▸ TASK INSTRUCTIONS: When you reach the line containing "#238895=CARTESIAN_POINT('',(0.,0.,-5.60627));" in the entries below, begin reproducing lines exactly, and stop once the line containing "-0.43077));" is done.

▸ Records from a dataset:

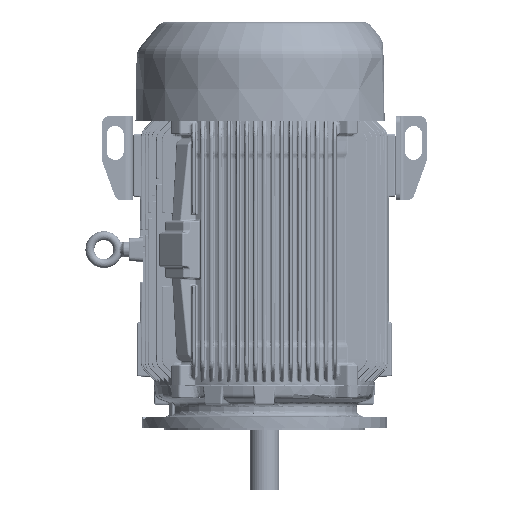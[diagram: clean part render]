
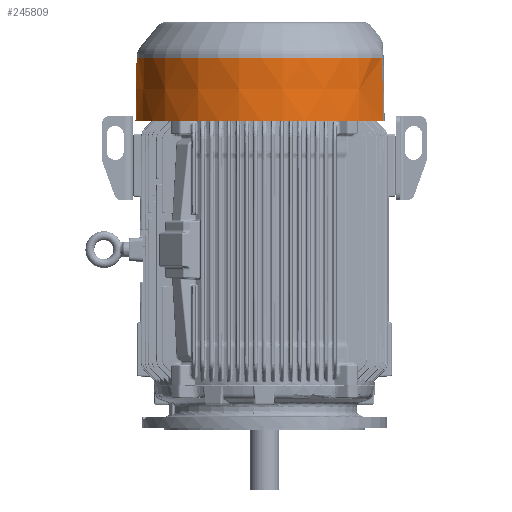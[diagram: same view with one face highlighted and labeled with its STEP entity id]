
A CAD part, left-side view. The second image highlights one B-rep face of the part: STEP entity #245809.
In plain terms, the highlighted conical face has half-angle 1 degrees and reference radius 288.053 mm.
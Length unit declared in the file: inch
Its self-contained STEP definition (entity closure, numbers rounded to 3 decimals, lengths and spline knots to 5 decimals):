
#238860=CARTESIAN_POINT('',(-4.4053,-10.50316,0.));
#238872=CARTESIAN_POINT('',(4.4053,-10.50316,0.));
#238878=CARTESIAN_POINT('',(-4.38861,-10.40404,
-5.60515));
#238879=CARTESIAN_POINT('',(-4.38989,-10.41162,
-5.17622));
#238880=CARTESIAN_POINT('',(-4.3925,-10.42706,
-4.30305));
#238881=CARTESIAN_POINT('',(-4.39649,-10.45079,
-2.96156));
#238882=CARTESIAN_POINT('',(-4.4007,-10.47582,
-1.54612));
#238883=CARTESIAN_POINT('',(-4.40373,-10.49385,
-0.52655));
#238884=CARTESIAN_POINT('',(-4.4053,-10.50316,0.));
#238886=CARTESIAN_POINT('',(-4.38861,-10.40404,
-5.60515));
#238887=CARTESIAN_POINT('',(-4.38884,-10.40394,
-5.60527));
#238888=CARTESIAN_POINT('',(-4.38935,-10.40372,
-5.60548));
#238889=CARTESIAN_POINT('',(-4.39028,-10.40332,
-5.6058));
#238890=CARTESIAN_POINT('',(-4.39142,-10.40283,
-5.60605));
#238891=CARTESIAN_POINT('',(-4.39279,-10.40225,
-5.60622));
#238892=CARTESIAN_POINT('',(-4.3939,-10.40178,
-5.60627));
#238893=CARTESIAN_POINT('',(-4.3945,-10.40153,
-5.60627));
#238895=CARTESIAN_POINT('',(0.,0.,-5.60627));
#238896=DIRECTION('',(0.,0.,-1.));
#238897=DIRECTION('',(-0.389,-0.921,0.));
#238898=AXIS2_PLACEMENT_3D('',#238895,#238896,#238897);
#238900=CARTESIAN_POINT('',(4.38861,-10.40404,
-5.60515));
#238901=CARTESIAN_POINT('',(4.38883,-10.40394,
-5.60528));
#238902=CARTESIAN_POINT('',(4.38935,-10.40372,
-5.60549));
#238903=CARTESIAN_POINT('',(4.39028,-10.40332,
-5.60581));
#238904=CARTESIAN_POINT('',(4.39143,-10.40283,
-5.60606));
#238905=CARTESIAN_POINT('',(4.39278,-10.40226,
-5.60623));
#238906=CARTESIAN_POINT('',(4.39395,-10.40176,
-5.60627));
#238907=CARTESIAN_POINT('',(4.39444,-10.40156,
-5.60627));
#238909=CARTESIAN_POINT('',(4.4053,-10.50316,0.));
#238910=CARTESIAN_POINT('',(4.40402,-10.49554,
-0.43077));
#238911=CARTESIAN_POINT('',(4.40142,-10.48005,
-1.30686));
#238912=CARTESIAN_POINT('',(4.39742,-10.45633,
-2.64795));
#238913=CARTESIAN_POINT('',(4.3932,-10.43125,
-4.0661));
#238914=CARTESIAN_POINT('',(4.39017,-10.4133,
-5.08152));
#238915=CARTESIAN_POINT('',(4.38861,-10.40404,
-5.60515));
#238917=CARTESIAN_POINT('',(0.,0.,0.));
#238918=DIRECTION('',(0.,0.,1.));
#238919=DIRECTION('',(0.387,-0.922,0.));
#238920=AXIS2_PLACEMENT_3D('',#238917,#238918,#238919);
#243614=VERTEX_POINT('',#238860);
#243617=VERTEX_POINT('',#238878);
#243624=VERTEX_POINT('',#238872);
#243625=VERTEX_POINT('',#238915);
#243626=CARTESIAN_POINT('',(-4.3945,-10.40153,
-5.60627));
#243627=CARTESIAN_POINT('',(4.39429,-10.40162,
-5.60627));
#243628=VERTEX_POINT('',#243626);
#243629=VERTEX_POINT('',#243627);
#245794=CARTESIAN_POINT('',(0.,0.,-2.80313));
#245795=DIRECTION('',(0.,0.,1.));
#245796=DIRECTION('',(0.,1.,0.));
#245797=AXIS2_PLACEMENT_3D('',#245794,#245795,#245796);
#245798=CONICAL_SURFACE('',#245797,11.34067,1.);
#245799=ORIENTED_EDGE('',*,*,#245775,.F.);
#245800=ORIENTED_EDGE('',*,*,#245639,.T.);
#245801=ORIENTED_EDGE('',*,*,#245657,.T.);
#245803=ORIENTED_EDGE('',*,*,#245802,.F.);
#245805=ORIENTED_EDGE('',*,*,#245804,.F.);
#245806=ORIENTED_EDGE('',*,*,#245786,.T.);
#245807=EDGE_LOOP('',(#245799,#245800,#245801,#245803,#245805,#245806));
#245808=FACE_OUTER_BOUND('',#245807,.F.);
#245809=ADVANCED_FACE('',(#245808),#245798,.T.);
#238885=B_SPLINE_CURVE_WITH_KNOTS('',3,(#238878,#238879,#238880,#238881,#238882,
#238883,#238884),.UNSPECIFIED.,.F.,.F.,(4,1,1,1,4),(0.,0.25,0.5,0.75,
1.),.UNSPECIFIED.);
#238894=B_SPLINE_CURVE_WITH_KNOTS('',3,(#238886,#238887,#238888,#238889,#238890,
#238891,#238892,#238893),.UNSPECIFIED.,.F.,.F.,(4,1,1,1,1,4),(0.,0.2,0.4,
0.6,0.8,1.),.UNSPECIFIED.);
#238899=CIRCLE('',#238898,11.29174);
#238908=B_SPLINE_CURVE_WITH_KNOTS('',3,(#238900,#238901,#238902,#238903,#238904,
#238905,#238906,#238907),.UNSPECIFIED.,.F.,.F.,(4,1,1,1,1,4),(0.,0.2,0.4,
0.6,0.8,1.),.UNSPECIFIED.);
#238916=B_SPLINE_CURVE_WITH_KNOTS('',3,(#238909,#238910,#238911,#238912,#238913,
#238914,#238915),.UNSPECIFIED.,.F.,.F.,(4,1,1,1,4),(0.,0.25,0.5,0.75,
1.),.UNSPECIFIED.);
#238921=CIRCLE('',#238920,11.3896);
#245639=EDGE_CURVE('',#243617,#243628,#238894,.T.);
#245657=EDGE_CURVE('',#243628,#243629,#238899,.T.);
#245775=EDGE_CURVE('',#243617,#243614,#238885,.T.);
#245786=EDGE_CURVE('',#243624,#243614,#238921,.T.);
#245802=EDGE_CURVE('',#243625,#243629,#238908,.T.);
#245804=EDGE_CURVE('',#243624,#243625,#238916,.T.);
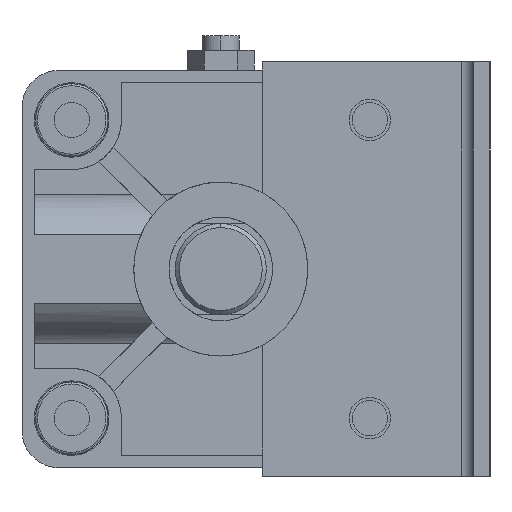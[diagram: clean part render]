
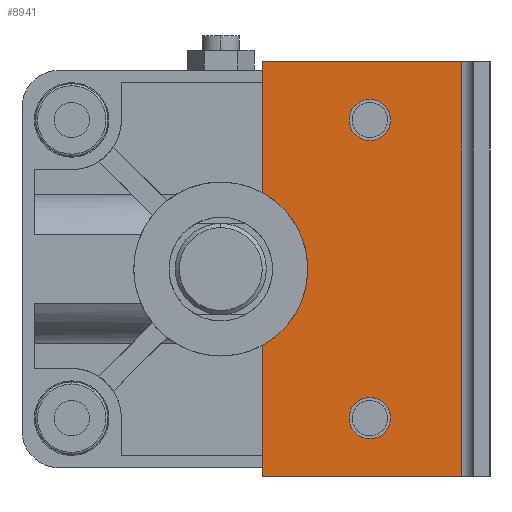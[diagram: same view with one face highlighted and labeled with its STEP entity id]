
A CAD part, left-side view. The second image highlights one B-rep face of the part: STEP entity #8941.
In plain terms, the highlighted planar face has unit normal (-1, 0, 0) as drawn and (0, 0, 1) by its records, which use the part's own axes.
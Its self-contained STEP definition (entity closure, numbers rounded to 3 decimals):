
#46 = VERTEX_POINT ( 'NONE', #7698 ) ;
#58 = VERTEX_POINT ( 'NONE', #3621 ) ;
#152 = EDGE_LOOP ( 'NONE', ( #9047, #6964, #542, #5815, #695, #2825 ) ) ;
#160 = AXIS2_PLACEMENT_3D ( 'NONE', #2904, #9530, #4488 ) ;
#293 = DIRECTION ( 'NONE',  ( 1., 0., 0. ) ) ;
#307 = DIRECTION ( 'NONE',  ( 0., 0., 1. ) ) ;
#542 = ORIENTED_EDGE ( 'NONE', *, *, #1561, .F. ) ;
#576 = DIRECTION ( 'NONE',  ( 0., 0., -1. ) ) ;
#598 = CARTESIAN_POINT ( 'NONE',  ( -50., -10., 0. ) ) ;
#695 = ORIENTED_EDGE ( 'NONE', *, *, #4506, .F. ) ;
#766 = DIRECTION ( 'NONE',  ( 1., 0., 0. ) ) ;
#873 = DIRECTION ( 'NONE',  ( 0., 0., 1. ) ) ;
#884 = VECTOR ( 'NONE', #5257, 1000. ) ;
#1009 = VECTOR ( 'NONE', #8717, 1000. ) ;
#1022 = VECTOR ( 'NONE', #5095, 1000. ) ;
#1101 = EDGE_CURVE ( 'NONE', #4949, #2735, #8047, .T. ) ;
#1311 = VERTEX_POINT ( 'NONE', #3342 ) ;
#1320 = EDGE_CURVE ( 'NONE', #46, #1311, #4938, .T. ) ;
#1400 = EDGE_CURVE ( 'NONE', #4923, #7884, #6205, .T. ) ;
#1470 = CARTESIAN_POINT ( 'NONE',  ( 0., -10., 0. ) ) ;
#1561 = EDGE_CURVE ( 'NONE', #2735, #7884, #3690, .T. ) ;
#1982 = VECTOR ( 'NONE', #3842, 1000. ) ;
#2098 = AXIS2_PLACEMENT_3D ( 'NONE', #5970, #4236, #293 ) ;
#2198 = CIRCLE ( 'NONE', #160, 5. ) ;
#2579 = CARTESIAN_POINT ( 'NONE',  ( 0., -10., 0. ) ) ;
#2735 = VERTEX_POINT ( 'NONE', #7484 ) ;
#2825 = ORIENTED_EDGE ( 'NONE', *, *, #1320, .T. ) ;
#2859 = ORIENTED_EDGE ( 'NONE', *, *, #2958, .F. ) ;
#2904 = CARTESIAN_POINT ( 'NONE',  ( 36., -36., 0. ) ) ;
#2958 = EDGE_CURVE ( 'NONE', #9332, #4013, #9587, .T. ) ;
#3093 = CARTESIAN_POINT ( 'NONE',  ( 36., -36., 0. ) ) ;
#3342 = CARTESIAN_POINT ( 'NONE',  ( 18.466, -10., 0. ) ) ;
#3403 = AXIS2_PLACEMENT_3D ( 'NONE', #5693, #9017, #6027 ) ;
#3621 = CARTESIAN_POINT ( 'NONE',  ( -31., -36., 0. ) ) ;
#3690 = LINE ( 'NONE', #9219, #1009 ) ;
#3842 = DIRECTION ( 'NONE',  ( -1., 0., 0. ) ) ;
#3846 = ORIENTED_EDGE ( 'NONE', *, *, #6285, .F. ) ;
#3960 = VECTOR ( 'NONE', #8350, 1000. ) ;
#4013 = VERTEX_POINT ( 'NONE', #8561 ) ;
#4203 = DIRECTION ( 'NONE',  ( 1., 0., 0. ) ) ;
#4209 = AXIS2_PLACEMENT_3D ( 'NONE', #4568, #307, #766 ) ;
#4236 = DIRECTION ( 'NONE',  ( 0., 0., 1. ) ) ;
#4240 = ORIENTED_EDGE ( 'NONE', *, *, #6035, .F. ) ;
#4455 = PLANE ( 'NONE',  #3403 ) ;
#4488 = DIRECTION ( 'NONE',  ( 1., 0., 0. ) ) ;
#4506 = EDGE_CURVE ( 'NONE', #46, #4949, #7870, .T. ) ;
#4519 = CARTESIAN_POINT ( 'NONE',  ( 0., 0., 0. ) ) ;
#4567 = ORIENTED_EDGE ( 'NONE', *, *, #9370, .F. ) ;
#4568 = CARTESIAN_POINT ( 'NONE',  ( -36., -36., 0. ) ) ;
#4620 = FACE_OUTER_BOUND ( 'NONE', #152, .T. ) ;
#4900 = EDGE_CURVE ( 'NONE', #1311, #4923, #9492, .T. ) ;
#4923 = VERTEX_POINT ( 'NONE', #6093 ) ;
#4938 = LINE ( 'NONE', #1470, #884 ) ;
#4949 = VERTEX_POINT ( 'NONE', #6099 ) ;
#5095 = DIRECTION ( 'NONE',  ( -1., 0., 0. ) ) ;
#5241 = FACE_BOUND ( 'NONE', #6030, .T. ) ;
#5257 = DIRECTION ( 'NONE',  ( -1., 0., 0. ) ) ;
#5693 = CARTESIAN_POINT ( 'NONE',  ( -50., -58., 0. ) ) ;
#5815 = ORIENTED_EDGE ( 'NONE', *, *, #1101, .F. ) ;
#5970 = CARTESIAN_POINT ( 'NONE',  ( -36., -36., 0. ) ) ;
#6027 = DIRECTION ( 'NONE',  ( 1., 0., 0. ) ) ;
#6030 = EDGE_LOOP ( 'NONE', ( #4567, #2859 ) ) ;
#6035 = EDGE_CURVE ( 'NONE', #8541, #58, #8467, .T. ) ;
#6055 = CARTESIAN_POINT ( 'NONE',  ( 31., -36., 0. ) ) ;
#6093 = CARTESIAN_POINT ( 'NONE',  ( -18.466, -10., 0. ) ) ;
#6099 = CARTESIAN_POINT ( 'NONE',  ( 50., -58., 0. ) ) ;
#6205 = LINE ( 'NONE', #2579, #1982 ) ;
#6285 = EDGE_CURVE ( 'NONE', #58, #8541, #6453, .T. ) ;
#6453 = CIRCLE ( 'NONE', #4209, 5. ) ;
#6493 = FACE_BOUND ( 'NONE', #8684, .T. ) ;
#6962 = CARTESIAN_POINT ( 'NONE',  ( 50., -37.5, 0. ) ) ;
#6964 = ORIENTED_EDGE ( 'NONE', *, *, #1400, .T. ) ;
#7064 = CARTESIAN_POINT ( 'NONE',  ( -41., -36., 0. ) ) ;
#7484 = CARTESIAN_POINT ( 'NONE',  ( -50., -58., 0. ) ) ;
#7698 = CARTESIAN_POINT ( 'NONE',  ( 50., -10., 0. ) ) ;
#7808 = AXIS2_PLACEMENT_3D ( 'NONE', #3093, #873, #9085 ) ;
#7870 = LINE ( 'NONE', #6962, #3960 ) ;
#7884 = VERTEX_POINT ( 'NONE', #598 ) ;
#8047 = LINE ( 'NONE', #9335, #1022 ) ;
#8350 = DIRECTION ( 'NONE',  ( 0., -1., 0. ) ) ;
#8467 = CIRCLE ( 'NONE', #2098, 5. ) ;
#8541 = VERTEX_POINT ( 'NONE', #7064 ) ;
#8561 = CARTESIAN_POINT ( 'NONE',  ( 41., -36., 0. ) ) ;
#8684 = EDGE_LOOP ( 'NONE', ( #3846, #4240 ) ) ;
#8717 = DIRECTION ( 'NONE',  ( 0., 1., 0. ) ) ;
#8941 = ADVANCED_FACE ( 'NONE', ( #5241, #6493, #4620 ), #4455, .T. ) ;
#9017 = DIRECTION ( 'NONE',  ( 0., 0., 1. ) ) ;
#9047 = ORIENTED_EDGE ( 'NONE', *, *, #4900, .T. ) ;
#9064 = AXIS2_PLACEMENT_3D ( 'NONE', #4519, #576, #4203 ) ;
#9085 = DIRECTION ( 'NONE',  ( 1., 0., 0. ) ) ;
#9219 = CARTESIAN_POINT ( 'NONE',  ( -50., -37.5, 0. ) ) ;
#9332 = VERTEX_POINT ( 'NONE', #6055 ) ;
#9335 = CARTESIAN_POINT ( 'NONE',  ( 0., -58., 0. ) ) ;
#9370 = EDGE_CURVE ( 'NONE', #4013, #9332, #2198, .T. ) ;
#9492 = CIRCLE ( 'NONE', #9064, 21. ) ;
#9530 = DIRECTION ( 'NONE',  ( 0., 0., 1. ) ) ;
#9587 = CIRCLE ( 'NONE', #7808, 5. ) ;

▸ ANSWER BOX:
#238895=CARTESIAN_POINT('',(0.,0.,-5.60627));
#238896=DIRECTION('',(0.,0.,-1.));
#238897=DIRECTION('',(-0.389,-0.921,0.));
#238898=AXIS2_PLACEMENT_3D('',#238895,#238896,#238897);
#238900=CARTESIAN_POINT('',(4.38861,-10.40404,
-5.60515));
#238901=CARTESIAN_POINT('',(4.38883,-10.40394,
-5.60528));
#238902=CARTESIAN_POINT('',(4.38935,-10.40372,
-5.60549));
#238903=CARTESIAN_POINT('',(4.39028,-10.40332,
-5.60581));
#238904=CARTESIAN_POINT('',(4.39143,-10.40283,
-5.60606));
#238905=CARTESIAN_POINT('',(4.39278,-10.40226,
-5.60623));
#238906=CARTESIAN_POINT('',(4.39395,-10.40176,
-5.60627));
#238907=CARTESIAN_POINT('',(4.39444,-10.40156,
-5.60627));
#238909=CARTESIAN_POINT('',(4.4053,-10.50316,0.));
#238910=CARTESIAN_POINT('',(4.40402,-10.49554,
-0.43077));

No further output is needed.